Work instruction:
What lines in the entries hold the string "body"? List them.

Data for processing:

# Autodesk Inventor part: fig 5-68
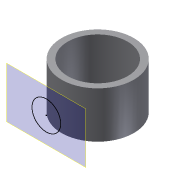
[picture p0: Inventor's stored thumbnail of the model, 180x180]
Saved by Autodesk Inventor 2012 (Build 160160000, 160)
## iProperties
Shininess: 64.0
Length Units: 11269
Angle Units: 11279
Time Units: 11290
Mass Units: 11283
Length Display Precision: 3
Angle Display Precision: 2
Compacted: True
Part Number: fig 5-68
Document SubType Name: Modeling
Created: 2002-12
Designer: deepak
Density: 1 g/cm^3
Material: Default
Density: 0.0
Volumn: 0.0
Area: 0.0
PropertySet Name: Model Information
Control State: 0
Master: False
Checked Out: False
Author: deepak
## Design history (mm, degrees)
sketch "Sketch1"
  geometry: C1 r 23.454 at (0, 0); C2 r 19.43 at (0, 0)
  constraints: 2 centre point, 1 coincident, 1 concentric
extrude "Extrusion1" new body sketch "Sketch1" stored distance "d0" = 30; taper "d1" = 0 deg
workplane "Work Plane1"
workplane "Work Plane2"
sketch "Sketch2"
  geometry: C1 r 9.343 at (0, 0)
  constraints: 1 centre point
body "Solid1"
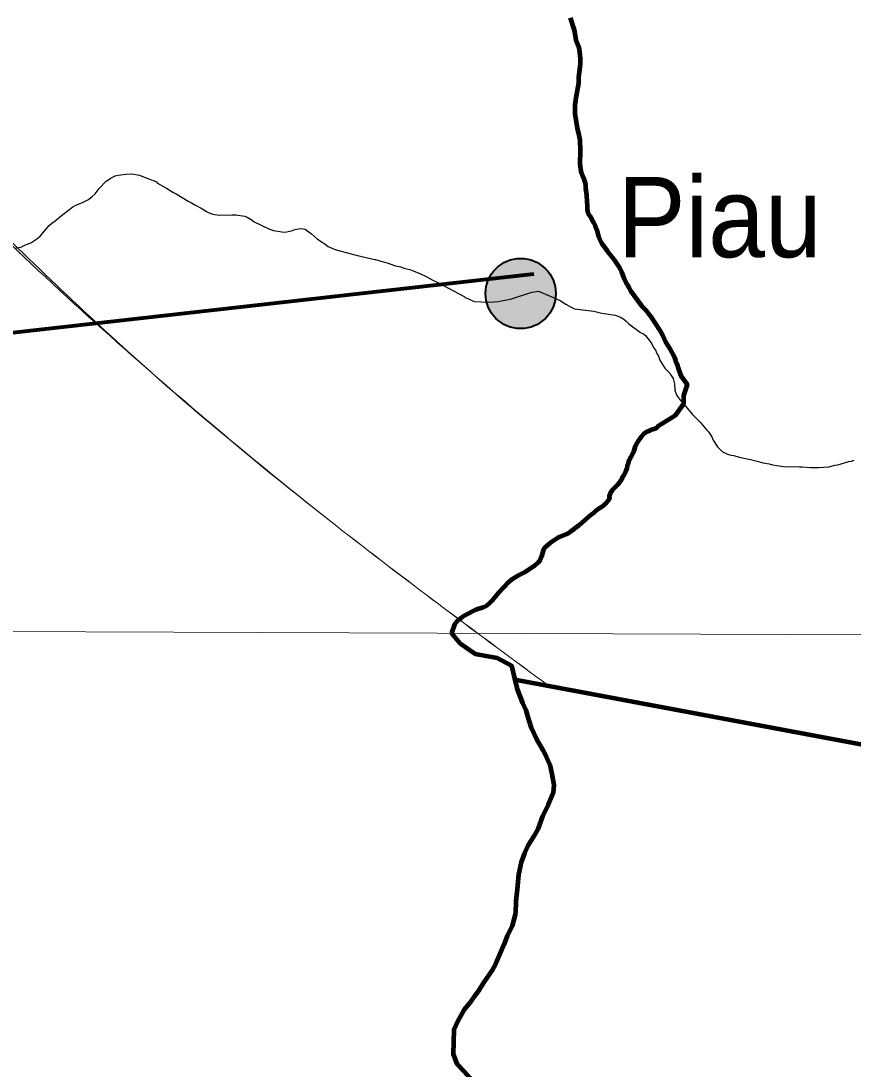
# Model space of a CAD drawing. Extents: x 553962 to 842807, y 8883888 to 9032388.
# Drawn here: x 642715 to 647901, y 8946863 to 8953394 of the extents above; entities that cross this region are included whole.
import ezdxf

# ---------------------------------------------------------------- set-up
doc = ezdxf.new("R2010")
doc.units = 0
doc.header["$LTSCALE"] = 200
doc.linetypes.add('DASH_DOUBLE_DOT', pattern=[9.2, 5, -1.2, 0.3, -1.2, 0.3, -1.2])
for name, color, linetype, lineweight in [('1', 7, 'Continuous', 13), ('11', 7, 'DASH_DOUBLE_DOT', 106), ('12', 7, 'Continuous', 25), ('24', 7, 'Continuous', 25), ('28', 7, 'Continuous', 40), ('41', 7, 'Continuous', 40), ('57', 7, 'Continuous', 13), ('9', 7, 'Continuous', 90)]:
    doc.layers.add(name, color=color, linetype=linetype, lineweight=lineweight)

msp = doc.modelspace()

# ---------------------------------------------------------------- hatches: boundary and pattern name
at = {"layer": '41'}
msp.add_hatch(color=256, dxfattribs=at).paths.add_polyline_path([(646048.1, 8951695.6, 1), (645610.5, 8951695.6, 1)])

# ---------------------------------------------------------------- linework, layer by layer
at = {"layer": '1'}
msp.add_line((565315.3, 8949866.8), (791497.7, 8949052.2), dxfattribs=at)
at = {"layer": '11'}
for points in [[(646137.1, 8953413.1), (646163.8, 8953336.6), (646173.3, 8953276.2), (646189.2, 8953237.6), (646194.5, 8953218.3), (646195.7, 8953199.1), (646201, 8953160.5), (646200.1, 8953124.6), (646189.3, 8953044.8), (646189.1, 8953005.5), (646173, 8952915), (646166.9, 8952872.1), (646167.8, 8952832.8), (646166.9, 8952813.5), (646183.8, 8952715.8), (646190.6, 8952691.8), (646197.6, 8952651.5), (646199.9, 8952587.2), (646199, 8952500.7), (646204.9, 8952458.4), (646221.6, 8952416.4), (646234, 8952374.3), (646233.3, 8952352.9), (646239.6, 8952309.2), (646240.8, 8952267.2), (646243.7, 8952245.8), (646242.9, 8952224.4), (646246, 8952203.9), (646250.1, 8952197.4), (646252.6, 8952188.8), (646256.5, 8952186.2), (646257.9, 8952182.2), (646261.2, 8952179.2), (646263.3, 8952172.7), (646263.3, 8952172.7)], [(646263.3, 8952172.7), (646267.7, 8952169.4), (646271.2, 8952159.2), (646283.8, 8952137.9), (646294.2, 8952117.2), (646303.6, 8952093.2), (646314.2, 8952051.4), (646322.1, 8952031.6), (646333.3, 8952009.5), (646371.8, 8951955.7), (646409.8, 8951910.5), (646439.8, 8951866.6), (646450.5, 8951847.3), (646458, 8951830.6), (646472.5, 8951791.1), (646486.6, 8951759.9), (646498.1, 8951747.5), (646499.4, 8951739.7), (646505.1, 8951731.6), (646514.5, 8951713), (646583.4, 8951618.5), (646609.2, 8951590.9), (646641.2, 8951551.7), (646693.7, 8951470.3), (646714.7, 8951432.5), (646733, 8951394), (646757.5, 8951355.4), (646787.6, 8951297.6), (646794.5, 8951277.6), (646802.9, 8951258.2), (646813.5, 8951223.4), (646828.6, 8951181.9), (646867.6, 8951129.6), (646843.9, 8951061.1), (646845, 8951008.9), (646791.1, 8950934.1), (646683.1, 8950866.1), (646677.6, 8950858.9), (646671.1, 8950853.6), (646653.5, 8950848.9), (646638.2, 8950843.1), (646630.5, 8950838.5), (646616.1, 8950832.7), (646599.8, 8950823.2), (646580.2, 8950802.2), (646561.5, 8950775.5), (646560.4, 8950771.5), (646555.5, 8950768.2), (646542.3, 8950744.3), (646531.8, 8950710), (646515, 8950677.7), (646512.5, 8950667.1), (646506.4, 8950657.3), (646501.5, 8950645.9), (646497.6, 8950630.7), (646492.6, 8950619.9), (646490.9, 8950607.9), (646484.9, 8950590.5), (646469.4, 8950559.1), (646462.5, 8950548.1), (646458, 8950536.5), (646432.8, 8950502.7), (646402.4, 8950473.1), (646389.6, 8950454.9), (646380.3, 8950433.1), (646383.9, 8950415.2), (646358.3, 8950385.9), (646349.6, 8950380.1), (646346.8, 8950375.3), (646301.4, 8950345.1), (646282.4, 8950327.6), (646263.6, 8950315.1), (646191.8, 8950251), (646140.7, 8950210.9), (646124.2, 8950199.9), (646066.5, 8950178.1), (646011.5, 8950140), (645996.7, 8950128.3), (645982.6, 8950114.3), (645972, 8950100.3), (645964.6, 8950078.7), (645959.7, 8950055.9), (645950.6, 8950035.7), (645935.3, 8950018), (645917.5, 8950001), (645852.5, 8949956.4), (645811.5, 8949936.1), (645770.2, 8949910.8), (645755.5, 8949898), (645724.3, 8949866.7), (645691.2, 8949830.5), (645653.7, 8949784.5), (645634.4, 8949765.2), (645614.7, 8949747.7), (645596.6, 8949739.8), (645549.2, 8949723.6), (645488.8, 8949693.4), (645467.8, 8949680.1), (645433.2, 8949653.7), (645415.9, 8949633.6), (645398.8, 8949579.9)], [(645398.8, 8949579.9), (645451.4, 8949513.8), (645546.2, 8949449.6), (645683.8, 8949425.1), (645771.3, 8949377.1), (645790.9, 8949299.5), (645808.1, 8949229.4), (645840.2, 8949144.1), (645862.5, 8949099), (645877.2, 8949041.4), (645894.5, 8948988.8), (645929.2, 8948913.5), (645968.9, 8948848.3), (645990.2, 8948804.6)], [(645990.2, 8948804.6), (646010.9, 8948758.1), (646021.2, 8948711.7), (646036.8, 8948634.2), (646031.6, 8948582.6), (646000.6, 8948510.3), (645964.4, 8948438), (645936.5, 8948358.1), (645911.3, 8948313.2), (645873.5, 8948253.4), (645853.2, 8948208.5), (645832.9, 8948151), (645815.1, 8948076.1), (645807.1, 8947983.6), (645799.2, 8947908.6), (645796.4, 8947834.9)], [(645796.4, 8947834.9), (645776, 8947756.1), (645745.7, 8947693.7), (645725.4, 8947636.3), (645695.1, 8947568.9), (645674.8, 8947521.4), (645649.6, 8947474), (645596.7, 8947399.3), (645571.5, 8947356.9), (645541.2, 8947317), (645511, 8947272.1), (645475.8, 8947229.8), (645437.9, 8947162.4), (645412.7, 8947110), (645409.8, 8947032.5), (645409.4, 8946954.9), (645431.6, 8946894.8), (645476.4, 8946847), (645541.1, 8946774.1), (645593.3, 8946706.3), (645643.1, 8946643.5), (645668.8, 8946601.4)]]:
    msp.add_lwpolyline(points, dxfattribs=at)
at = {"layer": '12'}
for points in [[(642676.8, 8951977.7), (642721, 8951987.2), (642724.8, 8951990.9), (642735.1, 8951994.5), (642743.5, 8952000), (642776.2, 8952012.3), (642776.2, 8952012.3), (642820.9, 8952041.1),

Finished exercise:
extrude "Extrusion1" new body sketch "Sketch1" stored distance "d0" = 30; taper "d1" = 0 deg
body "Solid1"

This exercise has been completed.